* **What needs to be done**
Below is some data. Retype exactly the lines starting at the one with "#1331 = ORIENTED_EDGE" and ending at the one with "#1709 = CIRCLE ( 'NONE', #1895, 324. ) ;".

* **Material supplied**
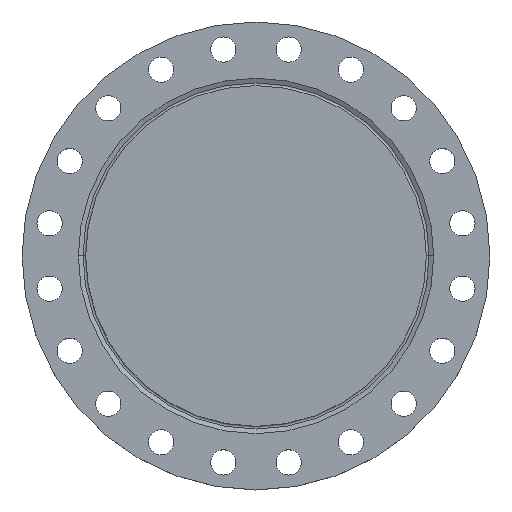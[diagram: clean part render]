
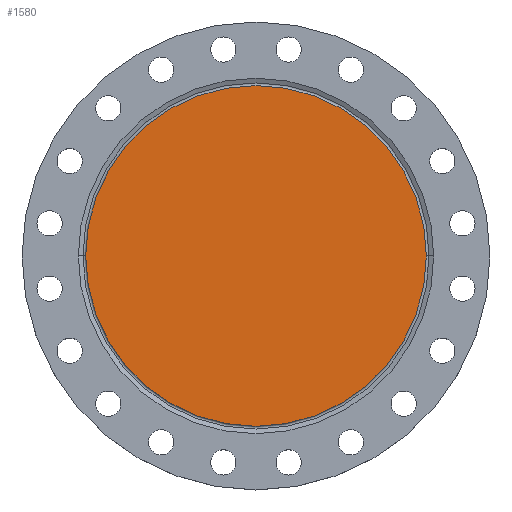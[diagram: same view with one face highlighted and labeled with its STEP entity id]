
A CAD part, top view. The second image highlights one B-rep face of the part: STEP entity #1580.
In plain terms, the highlighted planar face has unit normal (0, 0, 1).
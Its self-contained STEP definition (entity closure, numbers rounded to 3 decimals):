
#177 = CARTESIAN_POINT ( 'NONE',  ( 324., 0., 0. ) ) ;
#196 = EDGE_CURVE ( 'NONE', #1868, #1822, #775, .T. ) ;
#222 = CARTESIAN_POINT ( 'NONE',  ( -324., 0., 0. ) ) ;
#266 = DIRECTION ( 'NONE',  ( -1., 0., 0. ) ) ;
#267 = DIRECTION ( 'NONE',  ( 0., 0., -1. ) ) ;
#268 = CARTESIAN_POINT ( 'NONE',  ( 0., 0., 0. ) ) ;
#452 = DIRECTION ( 'NONE',  ( 1., 0., 0. ) ) ;
#453 = DIRECTION ( 'NONE',  ( 0., 0., 1. ) ) ;
#456 = FACE_OUTER_BOUND ( 'NONE', #1197, .T. ) ;
#457 = PLANE ( 'NONE',  #1566 ) ;
#458 = CARTESIAN_POINT ( 'NONE',  ( 0., 0., 0. ) ) ;
#775 = CIRCLE ( 'NONE', #779, 324. ) ;
#779 = AXIS2_PLACEMENT_3D ( 'NONE', #1101, #1099, #1098 ) ;
#1098 = DIRECTION ( 'NONE',  ( -1., 0., 0. ) ) ;
#1099 = DIRECTION ( 'NONE',  ( 0., 0., -1. ) ) ;
#1101 = CARTESIAN_POINT ( 'NONE',  ( 0., 0., 0. ) ) ;
#1197 = EDGE_LOOP ( 'NONE', ( #1331, #1330 ) ) ;
#1330 = ORIENTED_EDGE ( 'NONE', *, *, #196, .F. ) ;
#1331 = ORIENTED_EDGE ( 'NONE', *, *, #1743, .F. ) ;
#1566 = AXIS2_PLACEMENT_3D ( 'NONE', #458, #453, #452 ) ;
#1580 = ADVANCED_FACE ( 'NONE', ( #456 ), #457, .T. ) ;
#1709 = CIRCLE ( 'NONE', #1895, 324. ) ;
#1743 = EDGE_CURVE ( 'NONE', #1822, #1868, #1709, .T. ) ;
#1822 = VERTEX_POINT ( 'NONE', #222 ) ;
#1868 = VERTEX_POINT ( 'NONE', #177 ) ;
#1895 = AXIS2_PLACEMENT_3D ( 'NONE', #268, #267, #266 ) ;
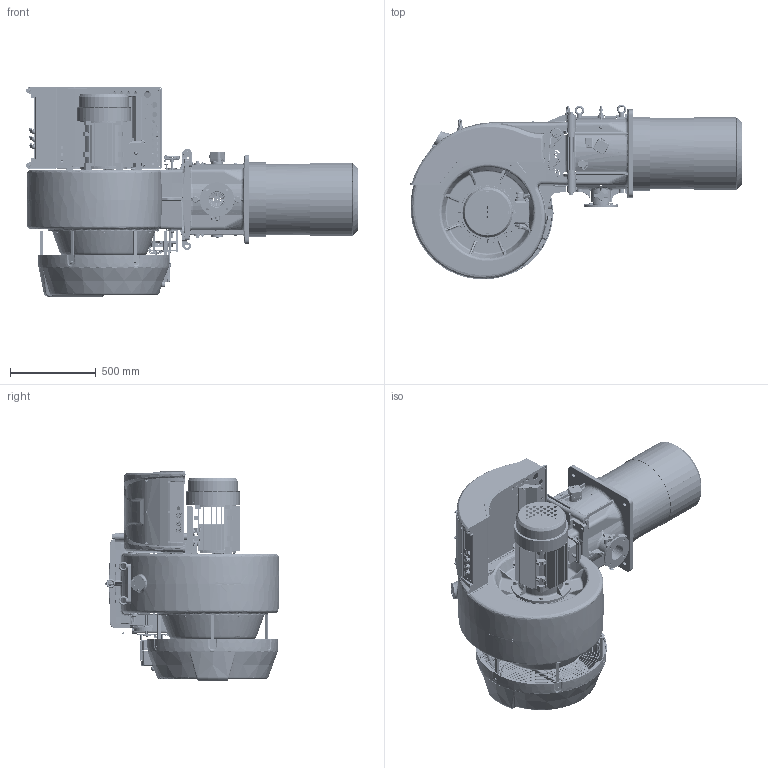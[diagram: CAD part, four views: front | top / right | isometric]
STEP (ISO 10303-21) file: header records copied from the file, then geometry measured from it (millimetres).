
FILE_DESCRIPTION (( 'STEP AP214' ), '1' );
FILE_NAME ('67430010p.STEP', '2018-04-06T12:10:29', ( '' ), ( '' ), 'SwSTEP 2.0', 'SolidWorks 2016', '' );
FILE_SCHEMA (( 'AUTOMOTIVE_DESIGN' ));
Length unit declared in the file: millimetre
Products named in the file (1): 67430010p
Bounding box: 1932.45 x 1016.54 x 1223.5 mm (x, y, z)
Surface area: 12110779.6 mm2 (no closed solid volume)
Topology: 0 solids, 677 shells, 3802 faces, 18755 edges, 14929 vertices
Faces by surface type: plane 1482, cylinder 1070, bspline 927, cone 162, torus 143, sphere 18
Full cylindrical faces by diameter (mm): 3.3 x7, 4 x11, 4.2 x2, 5 x10, 5.4 x1, 5.48 x1, 5.5 x1, 6 x6, 6.2 x4, 6.5 x1, 7.8 x2, 8 x18, 8.2 x1, 8.5 x4, 9 x1, 9.3 x1, 9.5 x6, 9.8 x2, 10 x16, 10.2 x7, 11 x1, 12 x11, 13 x12, 13.462 x1, 14 x24, 14.5 x1, 15 x9, 15.2 x1, 16 x9, 17 x11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
Entity records: 378432 total; most frequent: CARTESIAN_POINT 235397, ORIENTED_EDGE 23542, DIRECTION 20162, EDGE_CURVE 18130, VERTEX_POINT 14787, LINE 7042, VECTOR 7042, B_SPLINE_CURVE_WITH_KNOTS 6877

* **Result of this task**
#1331 = ORIENTED_EDGE ( 'NONE', *, *, #1743, .F. ) ;
#1566 = AXIS2_PLACEMENT_3D ( 'NONE', #458, #453, #452 ) ;
#1580 = ADVANCED_FACE ( 'NONE', ( #456 ), #457, .T. ) ;
#1709 = CIRCLE ( 'NONE', #1895, 324. ) ;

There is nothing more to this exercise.